Nadie tiene que ser criminalizado por su forma de amar, ni por a quién ama o por dónde lo ama. Tenemos un mundo en el que el odio es una moneda de cambio tan utilizada que las fobias sexuales solo añaden más desazón a una existencia ya de por sí complicada. Dicho esto quiero comentar que los desfiles del orgullo LGTBI --nuevas siglas que parece que se van a imponer-- me resultan excesivamente barrocos, cansinos y delirantes. No entiendo que para afirmarse sexualmente haya que ir hecho un mamarracho o mamarracha. Los excesos en cualquier sentido son un error. A lo mejor ahora me lapidan por esta afirmación, pero si no lo digo reviento. Prefiero poner el acento en la discriminación horrible que sufren muchos niños por su condición sexual, con compañeros que los machacan, se burlan o les dejan mensajes llamándoles «maricón» en la mesa. Eso era en mis tiempos, ahora en la época de las redes sociales ni me imagino lo que harán.

Muchos homosexuales rurales que durante la dictadura de Franco fueron perseguidos sin piedad, tuvieron que vivir, e incluso ahora también, lo que ellos llaman el «séxodo», es decir, esperar a la mayoría de edad para escapar de sus pueblos a Madrid donde el nivel de tolerancia es mayor y salir del armario poco a poco, en sus círculos de amistades. Durante los años ochenta, con la irrupción del sida, el colectivo gay vivió unos momentos muy difíciles y perdió mucho vigor.

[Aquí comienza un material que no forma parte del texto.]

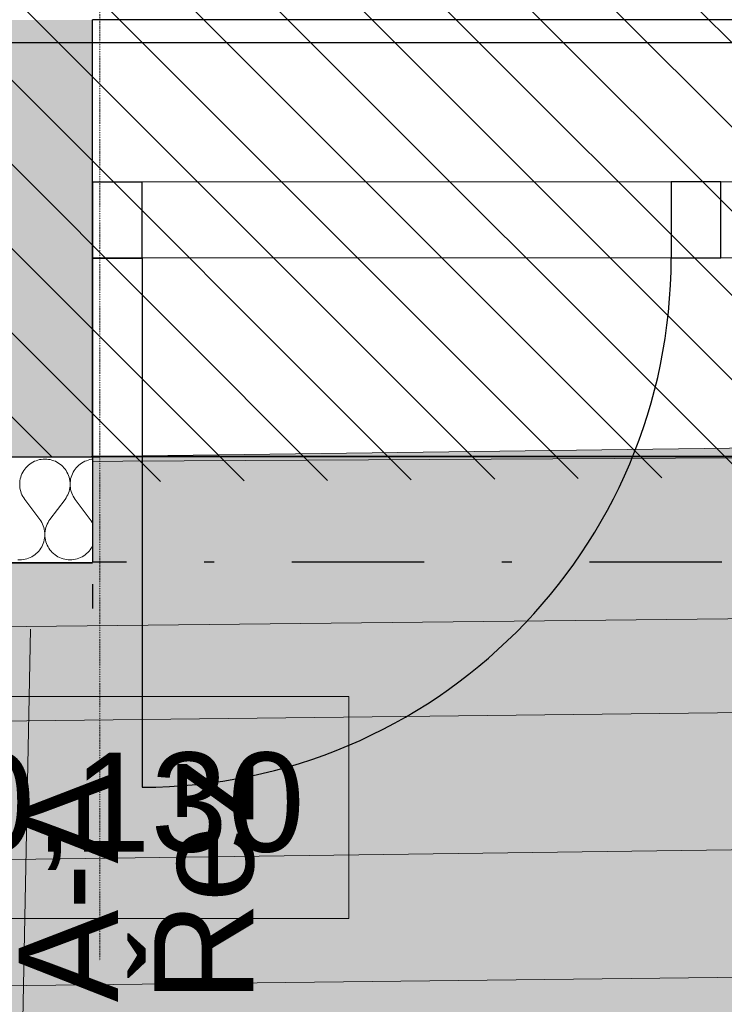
# Model space of a CAD drawing. Header units: millimetres. Extents: x -40276 to 214973, y -147941 to 35228.
# Tile 31 of 256: x -14972 to -13906, y -478 to 1011. Entities that reach past the tile are written whole.
import ezdxf

# ---------------------------------------------------------------- set-up
doc = ezdxf.new("R2010")
doc.units = ezdxf.units.MM
doc.header["$MEASUREMENT"] = 0
for name, pattern in [('Wipeout_Contour', [1000, 0, -1000]), ('Čerchovaná', [450, 200, -117.5, 15, -117.5]), ('Čerchovaná S', [3.5, 1.5, -0.85, 0.3, -0.85])]:
    doc.linetypes.add(name, pattern=pattern)
for name, color, linetype in [('1._POHLED ZÁPADNÍ_2_0_plochy', 7, 'Continuous'), ('1._POHLED ZÁPADNÍ_2_2D prvky - obecné', 7, 'Continuous'), ('1._POHLED ZÁPADNÍ_2_akustické prvky', 7, 'Continuous'), ('1._POHLED ZÁPADNÍ_2_Anotace - SP', 7, 'Continuous'), ('1._POHLED ZÁPADNÍ_2_BT_ortho', 7, 'Continuous'), ('1._POHLED ZÁPADNÍ_2_Konstrukce - nosné', 7, 'Continuous'), ('1._POHLED ZÁPADNÍ_2_Nové_Konstrukce - nosné', 7, 'Continuous'), ('1._POHLED ZÁPADNÍ_2_Nové_TZB - elektroinstalace', 7, 'Continuous'), ('1._POHLED ZÁPADNÍ_2_Nové_Výplně – Řezové', 7, 'Continuous'), ('1._POHLED ZÁPADNÍ_2_Situace - terén', 7, 'Continuous'), ('1._POHLED ZÁPADNÍ_2_TZB - elektroinstalace', 7, 'Continuous'), ('1._POHLED ZÁPADNÍ_2_TZB - horkovod', 7, 'Continuous'), ('1._POHLED ZÁPADNÍ_2_Výplně – Řezové', 7, 'Continuous'), ('1._POHLED ZÁPADNÍ_2_VÝTAH VAR 1', 7, 'Continuous'), ('1._POHLED ZÁPADNÍ_2_Značky - řezy', 7, 'Continuous')]:
    doc.layers.add(name, color=color, linetype=linetype)
doc.styles.add('GENEROVANÝ_STYL_1', font='txt')
doc.styles.add('GENEROVANÝ_STYL_2', font='arial.ttf')
doc.linetypes.add('Elektřina - Elektrické vedení NN', pattern='A,0,[5,C.3 Koordinační situační výkres1.Shx,S=0.238095,R=0,X=0,Y=0.001199],-33,0', length=33)
doc.linetypes.add('Elektřina - Sdělovací kabely - CETIN', pattern='A,0,[6,C.3 Koordinační situační výkres1.Shx,S=0.238095,R=0,X=0,Y=-3.25261e-19],-33,0', length=33)
doc.linetypes.add('Křížky', pattern='A,0,[7,C.3 Koordinační situační výkres1.Shx,S=0.128968,R=0,X=0,Y=0],-16.25,0', length=16.25)

# ---------------------------------------------------------------- blocks, each defined once
blk = doc.blocks.new('*X4', base_point=(-42174.7, -26223.7))
at = {"layer": '1._POHLED ZÁPADNÍ_2_Nové_Výplně – Řezové', "color": 21, "linetype": 'Continuous', "lineweight": 20, "true_color": 0xffaaaa}
for p, q in [((-14949.3, 342.8), (-14951.7, 341.6)), ((-14946.8, 343.8), (-14949.3, 342.8)), ((-14944.2, 344.7), (-14946.8, 343.8)), ((-14941.5, 345.4), (-14944.2, 344.7)), ((-14938.9, 345.8), (-14941.5, 345.4)), ((-14936.2, 346.1), (-14938.9, 345.8)), ((-14933.4, 346.2), (-14936.2, 346.1)), ((-14930.7, 346.1), (-14933.4, 346.2)), ((-14928, 345.8), (-14930.7, 346.1)), ((-14925.3, 345.4), (-14928, 345.8)), ((-14922.7, 344.7), (-14925.3, 345.4)), ((-14920.1, 343.8), (-14922.7, 344.7)), ((-14917.6, 342.8), (-14920.1, 343.8)), ((-14915.2, 341.6), (-14917.6, 342.8)), ((-14873.1, 342.8), (-14875.5, 341.6)), ((-14870.6, 343.8), (-14873.1, 342.8)), ((-14868, 344.7), (-14870.6, 343.8)), ((-14865.3, 345.4), (-14868, 344.7)), ((-14862.7, 345.9), (-14865.3, 345.4)), ((-14861.2, 346), (-14862.7, 345.9)), ((-14965.5, 328.7), (-14966.9, 326.4)), ((-14963.9, 330.9), (-14965.5, 328.7)), ((-14962.2, 333.1), (-14963.9, 330.9)), ((-14960.4, 335.1), (-14962.2, 333.1)), ((-14958.4, 336.9), (-14960.4, 335.1)), ((-14956.3, 338.6), (-14958.4, 336.9)), ((-14954, 340.2), (-14956.3, 338.6)), ((-14951.7, 341.6), (-14954, 340.2)), ((-14912.8, 340.2), (-14915.2, 341.6)), ((-14910.6, 338.6), (-14912.8, 340.2)), ((-14908.5, 336.9), (-14910.6, 338.6)), ((-14906.5, 335.1), (-14908.5, 336.9)), ((-14904.6, 333.1), (-14906.5, 335.1)), ((-14902.9, 331), (-14904.6, 333.1)), ((-14901.4, 328.7), (-14902.9, 331)), ((-14900, 326.4), (-14901.4, 328.7)), ((-14889.3, 328.7), (-14890.7, 326.4)), ((-14887.7, 331), (-14889.3, 328.7)), ((-14886, 333.1), (-14887.7, 331)), ((-14884.2, 335.1), (-14886, 333.1)), ((-14882.2, 336.9), (-14884.2, 335.1)), ((-14880.1, 338.6), (-14882.2, 336.9)), ((-14877.8, 340.2), (-14880.1, 338.6)), ((-14875.5, 341.6), (-14877.8, 340.2)), ((-14971.1, 313.5), (-14971.4, 310.8)), ((-14970.7, 316.2), (-14971.1, 313.5)), ((-14970, 318.8), (-14970.7, 316.2)), ((-14969.1, 321.4), (-14970, 318.8)), ((-14968.1, 323.9), (-14969.1, 321.4)), ((-14966.9, 326.4), (-14968.1, 323.9)), ((-14898.8, 324), (-14900, 326.4)), ((-14897.7, 321.4), (-14898.8, 324)), ((-14896.9, 318.9), (-14897.7, 321.4)), ((-14896.2, 316.2), (-14896.9, 318.9)), ((-14895.7, 313.5), (-14896.2, 316.2)), ((-14895.4, 310.8), (-14895.7, 313.5)), ((-14894.9, 313.5), (-14895.2, 310.8)), ((-14894.5, 316.2), (-14894.9, 313.5)), ((-14893.8, 318.9), (-14894.5, 316.2)), ((-14892.9, 321.4), (-14893.8, 318.9)), ((-14891.9, 324), (-14892.9, 321.4)), ((-14890.7, 326.4), (-14891.9, 324)), ((-14971.4, 310.8), (-14971.5, 308.1)), ((-14971.5, 308.1), (-14971.4, 305.4)), ((-14971.4, 305.4), (-14971.1, 302.7)), ((-14971.1, 302.7), (-14970.6, 300)), ((-14970.6, 300), (-14970, 297.4)), ((-14896.9, 297.4), (-14896.2, 300)), ((-14896.2, 300), (-14895.7, 302.7)), ((-14895.7, 302.7), (-14895.4, 305.4)), ((-14895.3, 308.1), (-14895.4, 310.8)), ((-14895.4, 305.4), (-14895.3, 308.1)), ((-14895.2, 310.8), (-14895.3, 308.1)), ((-14895.3, 308.1), (-14895.2, 305.4)), ((-14895.2, 305.4), (-14894.9, 302.7)), ((-14894.9, 302.7), (-14894.5, 300)), ((-14894.5, 300), (-14893.8, 297.4)), ((-14970, 297.4), (-14969.1, 294.8)), ((-14969.1, 294.8), (-14968.1, 292.3)), ((-14968.1, 292.3), (-14966.8, 289.8)), ((-14966.8, 289.8), (-14965.4, 287.5)), ((-14965.4, 287.5), (-14963.9, 285.3)), ((-14941, 254.8), (-14963.9, 285.3)), ((-14925.8, 254.8), (-14902.9, 285.3)), ((-14902.9, 285.3), (-14901.4, 287.5)), ((-14901.4, 287.5), (-14900, 289.9)), ((-14900, 289.9), (-14898.8, 292.3)), ((-14898.8, 292.3), (-14897.7, 294.8)), ((-14897.7, 294.8), (-14896.9, 297.4)), ((-14893.8, 297.4), (-14892.9, 294.8)), ((-14892.9, 294.8), (-14891.9, 292.3)), ((-14891.9, 292.3), (-14890.6, 289.9)), ((-14890.6, 289.9), (-14889.3, 287.5)), ((-14889.3, 287.5), (-14887.7, 285.3)), ((-14864.8, 254.8), (-14887.7, 285.3)), ((-14939.5, 252.6), (-14941, 254.8)), ((-14925.8, 254.8), (-14927.3, 252.6)), ((-14863.3, 252.6), (-14864.8, 254.8)), ((-14938.1, 250.2), (-14939.5, 252.6)), ((-14936.9, 247.8), (-14938.1, 250.2)), ((-14935.8, 245.3), (-14936.9, 247.8)), ((-14935, 242.7), (-14935.8, 245.3)), ((-14934.3, 240.1), (-14935, 242.7)), ((-14933.8, 237.4), (-14934.3, 240.1)), ((-14932.5, 240.1), (-14933, 237.4)), ((-14931.9, 242.7), (-14932.5, 240.1)), ((-14931, 245.3), (-14931.9, 242.7)), ((-14930, 247.8), (-14931, 245.3)), ((-14928.7, 250.2), (-14930, 247.8)), ((-14927.3, 252.6), (-14928.7, 250.2)), ((-14861.9, 250.2), (-14863.3, 252.6)), ((-14861.2, 248.8), (-14861.9, 250.2)), ((-14934.9, 221.2), (-14934.3, 223.9)), ((-14934.3, 223.9), (-14933.8, 226.5)), ((-14933.5, 234.7), (-14933.8, 237.4)), ((-14933.8, 226.5), (-14933.5, 229.2)), ((-14933.4, 232), (-14933.5, 234.7)), ((-14933.5, 229.2), (-14933.4, 232)), ((-14933.3, 234.7), (-14933.4, 232)), ((-14933.4, 232), (-14933.3, 229.2)), ((-14933, 237.4), (-14933.3, 234.7)), ((-14933.3, 229.2), (-14933, 226.5)), ((-14933, 226.5), (-14932.5, 223.9)), ((-14932.5, 223.9), (-14931.9, 221.2)), ((-14942.7, 207), (-14941, 209.1)), ((-14941, 209.1), (-14939.4, 211.4)), ((-14939.4, 211.4), (-14938, 213.7)), ((-14938, 213.7), (-14936.8, 216.1)), ((-14936.8, 216.1), (-14935.8, 218.6)), ((-14935.8, 218.6), (-14934.9, 221.2)), ((-14931.9, 221.2), (-14931, 218.6)), ((-14931, 218.6), (-14930, 216.1)), ((-14930, 216.1), (-14928.7, 213.7)), ((-14928.7, 213.7), (-14927.4, 211.4)), ((-14927.4, 211.4), (-14925.8, 209.1)), ((-14925.8, 209.1), (-14924.1, 207)), ((-14866.5, 207), (-14864.8, 209.1)), ((-14864.8, 209.1), (-14863.2, 211.4)), ((-14863.2, 211.4), (-14861.9, 213.7)), ((-14861.9, 213.7), (-14861.2, 215.1)), ((-14974.2, 193.9), (-14971.5, 193.8)), ((-14971.5, 193.8), (-14968.8, 193.9)), ((-14968.8, 193.9), (-14966.1, 194.2)), ((-14966.1, 194.2), (-14963.4, 194.7)), ((-14963.4, 194.7), (-14960.7, 195.4)), ((-14960.7, 195.4), (-14958.2, 196.2)), ((-14958.2, 196.2), (-14955.7, 197.3)), ((-14955.7, 197.3), (-14953.2, 198.5)), ((-14953.2, 198.5), (-14950.9, 199.9)), ((-14950.9, 199.9), (-14948.7, 201.4)), ((-14948.7, 201.4), (-14946.5, 203.2)), ((-14946.5, 203.2), (-14944.5, 205)), ((-14944.5, 205), (-14942.7, 207)), ((-14924.1, 207), (-14922.2, 205)), ((-14922.2, 205), (-14920.3, 203.2)), ((-14920.3, 203.2), (-14918.1, 201.5)), ((-14918.1, 201.5), (-14915.9, 199.9)), ((-14915.9, 199.9), (-14913.6, 198.5)), ((-14913.6, 198.5), (-14911.1, 197.3)), ((-14911.1, 197.3), (-14908.6, 196.3)), ((-14908.6, 196.3), (-14906, 195.4)), ((-14906, 195.4), (-14903.4, 194.7)), ((-14903.4, 194.7), (-14900.7, 194.2)), ((-14900.7, 194.2), (-14898, 194)), ((-14898, 194), (-14895.3, 193.9)), ((-14895.3, 193.9), (-14892.6, 194)), ((-14892.6, 194), (-14889.9, 194.2)), ((-14889.9, 194.2), (-14887.2, 194.7)), ((-14887.2, 194.7), (-14884.6, 195.4)), ((-14884.6, 195.4), (-14882, 196.3)), ((-14882, 196.3), (-14879.5, 197.3)), ((-14879.5, 197.3), (-14877, 198.5)), ((-14877, 198.5), (-14874.7, 199.9)), ((-14874.7, 199.9), (-14872.5, 201.5)), ((-14872.5, 201.5), (-14870.3, 203.2)), ((-14870.3, 203.2), (-14868.4, 205)), ((-14868.4, 205), (-14866.5, 207))]:
    blk.add_line(p, q, dxfattribs=at)

msp = doc.modelspace()

# ---------------------------------------------------------------- hatches: boundary and pattern name
at = {"layer": '1._POHLED ZÁPADNÍ_2_0_plochy', "linetype": 'Continuous', "lineweight": 0, "true_color": 0x725616}
msp.add_hatch(color=46, dxfattribs=at).paths.add_polyline_path([(-40276.1, 380), (-40276.1, -1043.7), (-26430.1, -1753.8), (-207.8, -1407.2, 0.378179), (2221.6, 744.4), (1454.6, 22244.4), (546.8, 28172), (-1346.6, 35227.5), (-3442.1, 35227.5), (-1029.2, 25664.9), (-238.4, 17796), (-239.2, 14109.2), (861.4, 14093.7), (783, 8563.1), (-240.5, 8577.6), (-242.4, 270.4), (-4572.2, 250.2), (-4572.6, 350.6), (-5872.7, 344.6), (-5872.2, 244.2), (-7761, 235.3), (-7759.9, 351.1), (-8809.8, 361.3), (-8811.1, 230.4), (-11400.3, 218.3), (-11400.4, 351.1), (-12450.4, 350.8), (-12450.3, 213.4), (-13471.2, 208.7), (-13473.3, 368.5), (-14863.3, 349.9), (-14861.3, 202.2), (-20482.2, 176), (-20484.8, 349.9), (-26651.8, 257.8), (-26680.1, 83.4), (-26744.6, -483.5), (-39550, 311.2)])
at = {"layer": '1._POHLED ZÁPADNÍ_2_0_plochy', "linetype": 'Continuous', "lineweight": 20, "true_color": 0xffaaaa}
h = msp.add_hatch(dxfattribs=at)
h.set_pattern_fill('Izolační_tvárnice_0002', color=21, style=0, pattern_type=2)
h.set_pattern_definition([(315, (-10360.18, 9405.31), (63.6396, 63.6396), [])])
h.paths.add_polyline_path([(-10906.3, 18690.2), (-10970.7, 9084.1), (-20311.4, 10009.9), (-20479.4, 269.7), (-242.3, 419.8), (-238.4, 17796)])
at = {"layer": '1._POHLED ZÁPADNÍ_2_Výplně – Řezové', "linetype": 'Continuous', "lineweight": 13}
msp.add_hatch(color=254, dxfattribs=at).paths.add_polyline_path([(-15649.8, 1009.8), (-15661.3, 349.8), (-14861.2, 350.1), (-14861.4, 1010.1)])

# ---------------------------------------------------------------- linework, layer by layer
at = {"layer": '1._POHLED ZÁPADNÍ_2_0_plochy', "color": 7, "linetype": 'Continuous', "lineweight": 13, "flags": 128}
msp.add_lwpolyline([(-8811.1, 230.4), (-11400.3, 218.3), (-11400.4, 351.1), (-12450.4, 350.8), (-12450.3, 213.4), (-13471.2, 208.7), (-13473.3, 368.5), (-14863.3, 349.9), (-14861.3, 202.2), (-20482.2, 176), (-20484.8, 349.9), (-26651.8, 257.8)], dxfattribs=at)
at = {"layer": '1._POHLED ZÁPADNÍ_2_Anotace - SP', "color": 154, "linetype": 'Continuous', "lineweight": 13}
for p, q in [((-14473.7, -12.6), (-16104.2, -12.6)), ((-14473.7, -348.3), (-14473.7, -12.6)), ((-16104.2, -348.3), (-14473.7, -348.3))]:
    msp.add_line(p, q, dxfattribs=at)
at = {"layer": '1._POHLED ZÁPADNÍ_2_Konstrukce - nosné', "color": 7, "linetype": 'Continuous', "lineweight": 25}
for p, q in [((-14861.3, 765.1), (-14861.4, 1010.1)), ((-14861.3, 650.1), (-14861.3, 765.1)), ((-14861.2, 350.1), (-14861.3, 650.1))]:
    msp.add_line(p, q, dxfattribs=at)
at = {"layer": '1._POHLED ZÁPADNÍ_2_Nové_Konstrukce - nosné', "color": 1, "linetype": 'Continuous', "lineweight": 25}
for p, q in [((-13471.4, 1010.5), (-14861.4, 1010.1)), ((-14861.3, 765.1), (-14861.4, 1010.1)), ((-13471.3, 765.5), (-14861.3, 765.1)), ((-14786.3, 765.1), (-14861.3, 765.1)), ((-14861.3, 765.1), (-14861.3, 650.1)), ((-14861.3, 650.1), (-14861.3, 765.1)), ((-14861.3, 650.1), (-14861.3, 765.1)), ((-14786.3, 650.1), (-14786.3, 765.1)), ((-13911.3, 765.3), (-13986.3, 765.3)), ((-13986.3, 765.3), (-13986.3, 650.3)), ((-13911.3, 650.3), (-13911.3, 765.3)), ((-13471.3, 650.5), (-14861.3, 650.1)), ((-14861.3, 650.1), (-14786.3, 650.1)), ((-14861.2, 350.1), (-14861.3, 650.1)), ((-14786.3, 650.1), (-14786.1, -149.9)), ((-13986.3, 650.3), (-13911.3, 650.3)), ((-13471.2, 350.5), (-14861.2, 350.1)), ((-14861.1, 120.5), (-14861.1, 157.1))]:
    msp.add_line(p, q, dxfattribs=at)
msp.add_arc((-14786.3, 650.1), 800, 270.0169, 0.0169, dxfattribs=at)
at = {"layer": '1._POHLED ZÁPADNÍ_2_Nové_TZB - elektroinstalace', "color": 1, "linetype": 'Continuous', "lineweight": 25, "flags": 128}
msp.add_lwpolyline([(-13193.9, 1600.8), (-13193.9, 975.8), (-15568.9, 975.8), (-15568.9, 5100.8), (-16068.9, 5100.8), (-16068.9, 9600.8), (-15748.2, 14412.4)], dxfattribs=at)
msp.add_lwpolyline([(-13193.9, 1600.8), (-13193.9, 975.8), (-15568.9, 975.8), (-15568.9, 5100.8), (-16068.9, 5100.8), (-16068.9, 9600.8), (-15748.2, 14412.4)], dxfattribs=at)
at = {"layer": '1._POHLED ZÁPADNÍ_2_Situace - terén', "color": 8, "linetype": 'Continuous', "lineweight": 13, "flags": 128}
msp.add_lwpolyline([(-20481.5, 312.5), (-20481.5, 349.7), (-13608.2, 349.7)], close=True, dxfattribs=at)
at = {"layer": '1._POHLED ZÁPADNÍ_2_TZB - elektroinstalace', "color": 8, "linetype": 'Elektřina - Elektrické vedení NN', "lineweight": 20, "flags": 128}
for points in [[(-1346.3, 35227.5), (900.6, 26571.5), (-7206.5, 26363.2), (-7202.5, 26164.2), (-7197.4, 25963.6), (964.7, 26173.8), (1477, 18146.4), (1119.1, 12646), (865.1, 3759.9), (10.4, -12.8), (-2641, 90.4), (-16214.6, -63.7), (-16356.1, 222.5)], [(26607.6, 14669.3), (15722.8, 13894.5), (11395.9, 13484.6), (2674.1, 12693.7), (1524.7, 12835.6), (1263.3, 3709.7), (327, -425.3), (-2646.7, -309.9), (-16615.7, -468.3), (-16613.3, 191.1)]]:
    msp.add_lwpolyline(points, dxfattribs=at)
at = {"layer": '1._POHLED ZÁPADNÍ_2_TZB - elektroinstalace', "color": 8, "linetype": 'Elektřina - Sdělovací kabely - CETIN', "lineweight": 20, "flags": 128}
msp.add_lwpolyline([(-16338, -277.4), (-10401.6, -197.7)], dxfattribs=at)
at = {"layer": '1._POHLED ZÁPADNÍ_2_TZB - horkovod', "color": 8, "linetype": 'Křížky', "lineweight": 20, "flags": 128}
msp.add_lwpolyline([(-14955.1, 88.9), (-14998.2, -2091.7), (-15129.4, -8738.2), (-15147.6, -9662.1)], dxfattribs=at)
at = {"layer": '1._POHLED ZÁPADNÍ_2_VÝTAH VAR 1', "color": 1, "linetype": 'Čerchovaná', "lineweight": 25}
msp.add_line((-13459.8, 190.4), (-14861.2, 190.1), dxfattribs=at)
at = {"layer": '1._POHLED ZÁPADNÍ_2_Značky - řezy', "color": 154, "linetype": 'Čerchovaná S', "lineweight": 13}
msp.add_line((-14850.1, 19646), (-14850.1, -411.8), dxfattribs=at)

# ---------------------------------------------------------------- texts
at = {"layer": '1._POHLED ZÁPADNÍ_2_Anotace - SP', "color": 154, "linetype": 'Continuous', "lineweight": 13, "insert": (-15288.9, -186.4), "char_height": 150, "attachment_point": 5, "style": 'GENEROVANÝ_STYL_1'}
msp.add_mtext('\\A1;{\\pqc;\\fArial|b0|i0|c238|p38;PT=UT= \\fArial|b0|i0|c238|p38;+0,13\\fArial|b0|i0|c238|p38;0 }', dxfattribs=at)
at = {"layer": '1._POHLED ZÁPADNÍ_2_Značky - řezy', "color": 154, "linetype": 'Continuous', "lineweight": 13, "insert": (-14616, -475), "char_height": 150, "attachment_point": 7, "rotation": 90, "line_spacing_factor": 0.818924, "style": 'GENEROVANÝ_STYL_2'}
msp.add_mtext('\\A1;{\\pql;\\pt0;\\fArial|b0|i0|c0|p38;A-A\\P\\pql;\\pt0;\\fArial|b0|i0|c0|p38;Řez}', dxfattribs=at)

# ---------------------------------------------------------------- next in the draw order: wipeouts: each hides what was drawn before it
at = {"color": 254, "linetype": 'Wipeout_Contour', "lineweight": 0, "ltscale": 61715.297462}
msp.add_wipeout([(-14861.2, 350.1), (-15991.4, 349.7), (-15991.3, 189.7), (-14861.2, 190.1)], dxfattribs=at).dxf.layer = '1._POHLED ZÁPADNÍ_2_Nové_Výplně – Řezové'

# ---------------------------------------------------------------- next in the draw order: linework, layer by layer
at = {"layer": '1._POHLED ZÁPADNÍ_2_2D prvky - obecné', "color": 7, "linetype": 'Continuous', "lineweight": 25}
msp.add_line((-17500.6, 349.7), (-14850.1, 349.7), dxfattribs=at)
at = {"layer": '1._POHLED ZÁPADNÍ_2_akustické prvky', "color": 1, "linetype": 'Continuous', "lineweight": 35}
msp.add_line((-14861.2, 189.3), (-17500.6, 189.7), dxfattribs=at)
at = {"layer": '1._POHLED ZÁPADNÍ_2_BT_ortho', "color": 142, "linetype": 'Continuous', "lineweight": 20, "true_color": 0x0080c0, "flags": 128}
msp.add_lwpolyline([(-244.4, 253.6), (-15793.1, 84.2)], dxfattribs=at)
at = {"layer": '1._POHLED ZÁPADNÍ_2_Nové_Konstrukce - nosné', "color": 1, "linetype": 'Continuous', "lineweight": 25}
for q in [(-14861.2, 190.1), (-14861.2, 350.1), (-14861.2, 350.1), (-14861.2, 190.1)]:
    msp.add_line((-14861.3, 735.1), q, dxfattribs=at)

# ---------------------------------------------------------------- next in the draw order: block references
at = {"layer": '1._POHLED ZÁPADNÍ_2_0_plochy', "color": 9, "linetype": 'Continuous', "lineweight": 13}
msp.add_blockref('*X4', (-42174.7, -26223.7), dxfattribs=at)

doc.saveas('drawing.dxf')

Los esfuerzos se concentraron en otras necesidades más urgentes. Los homosexuales españoles han pasado de la clandestinidad a la visibilidad, pero la actual igualdad legal no se traduce en una aceptación social y desgraciadamente sigue habiendo palizas, acoso y discriminación según qué sitios, especialmente en el ámbito rural. Vaya mi apoyo incondicional al colectivo LGTBI, pero me gustaría que los esfuerzos se centraran en conseguir la igualdad real total y no en patochadas, carrozas y mascaradas que solo inciden en el tópico y no en atajar los problemas reales.

Refrán: El amor no daña. El odio sí.